Below are entries to reproduce exactly, apart from their pictures.

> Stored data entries
((

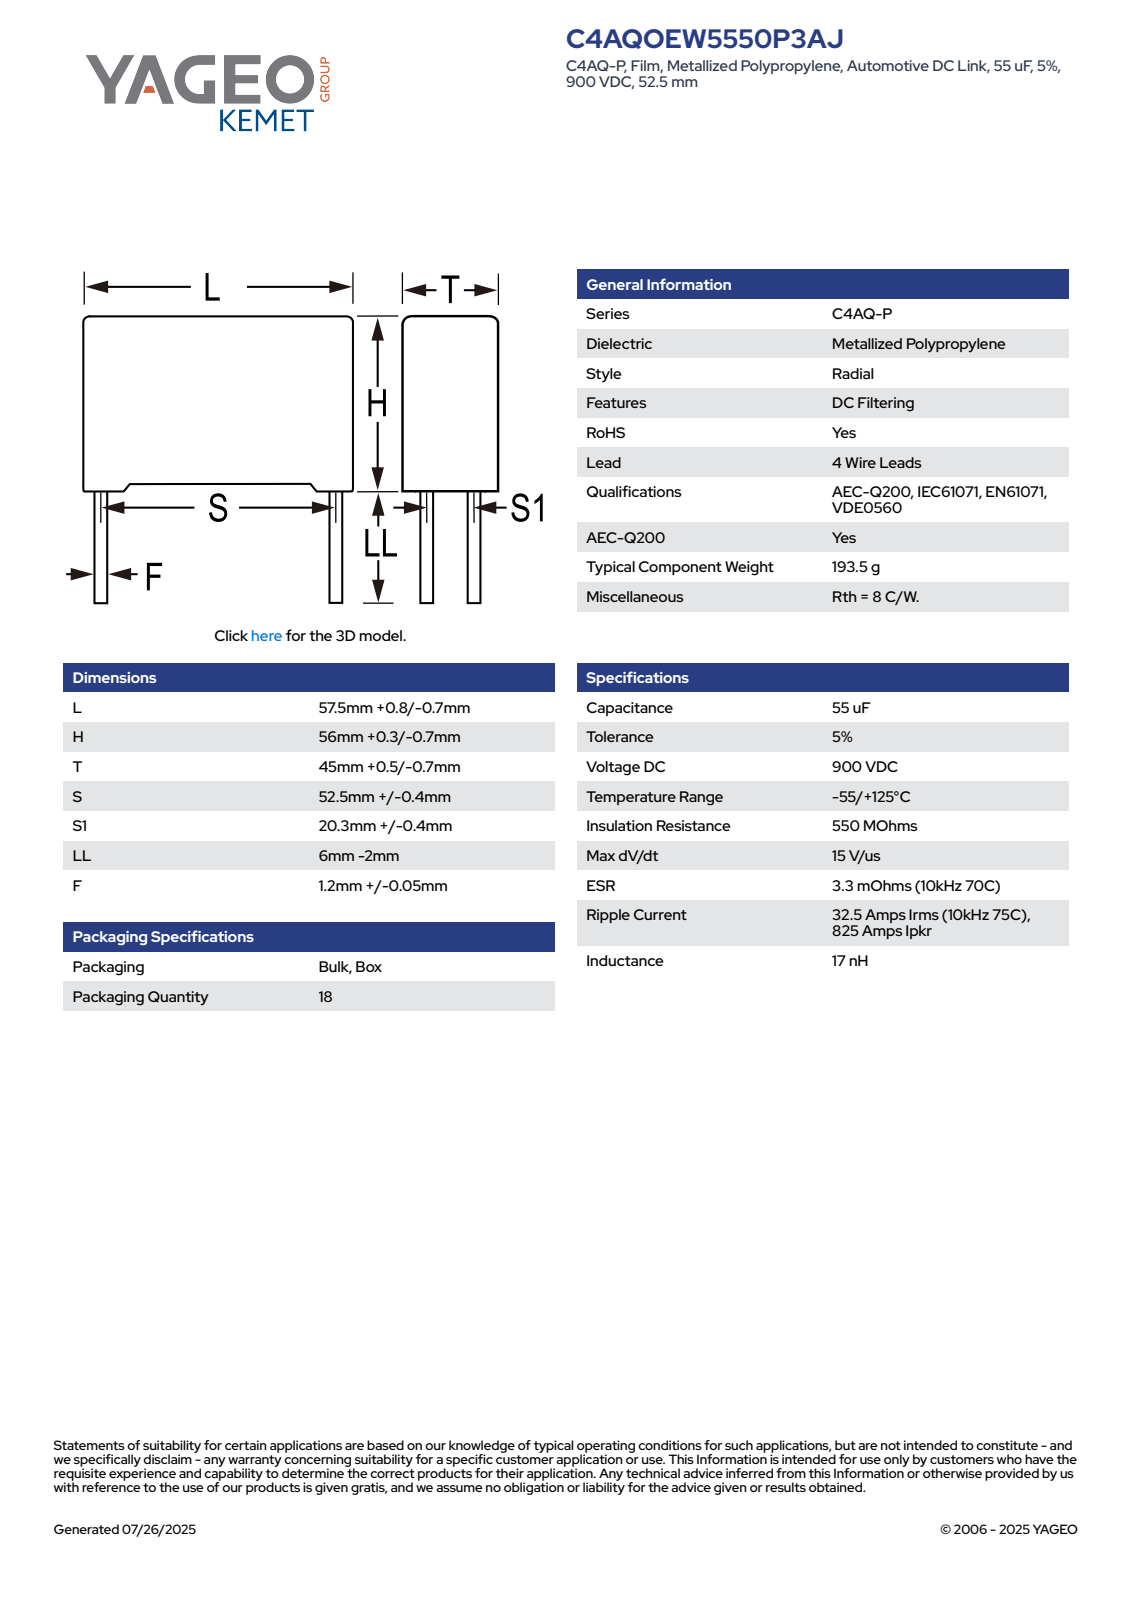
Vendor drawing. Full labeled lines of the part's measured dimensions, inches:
Part name (STEP PRODUCT): CFP_RB4_57.5X56X45_L58.3H56.3T45.5S52.5S120.3LL4F1.25
STEP written by: SolidWorks 2014 (AUTOMOTIVE_DESIGN)
Units: inches
Bodies: 4 solids, 91 faces (83 planar, 8 cylindrical, 0 other)
Overall size (bounding box): 2.374 × 2.295 × 1.792
Volume: 8.878 in³ · Surface area: 26.84 in²
Round bosses / shafts (diameter × count): ⌀0.049 ×4
Main face-to-face distances: 1.791, 2.295, 2.151, 0.065, 2.217, 0.11, 2.185, 2.075, 1.681, 1.571

))

> REPLY
Vendor drawing. Full labeled lines of the part's measured dimensions, inches:
Part name (STEP PRODUCT): CFP_RB4_57.5X56X45_L58.3H56.3T45.5S52.5S120.3LL4F1.25
STEP written by: SolidWorks 2014 (AUTOMOTIVE_DESIGN)
Units: inches
Bodies: 4 solids, 91 faces (83 planar, 8 cylindrical, 0 other)
Overall size (bounding box): 2.374 × 2.295 × 1.792
Volume: 8.878 in³ · Surface area: 26.84 in²
Round bosses / shafts (diameter × count): ⌀0.049 ×4
Main face-to-face distances: 1.791, 2.295, 2.151, 0.065, 2.217, 0.11, 2.185, 2.075, 1.681, 1.571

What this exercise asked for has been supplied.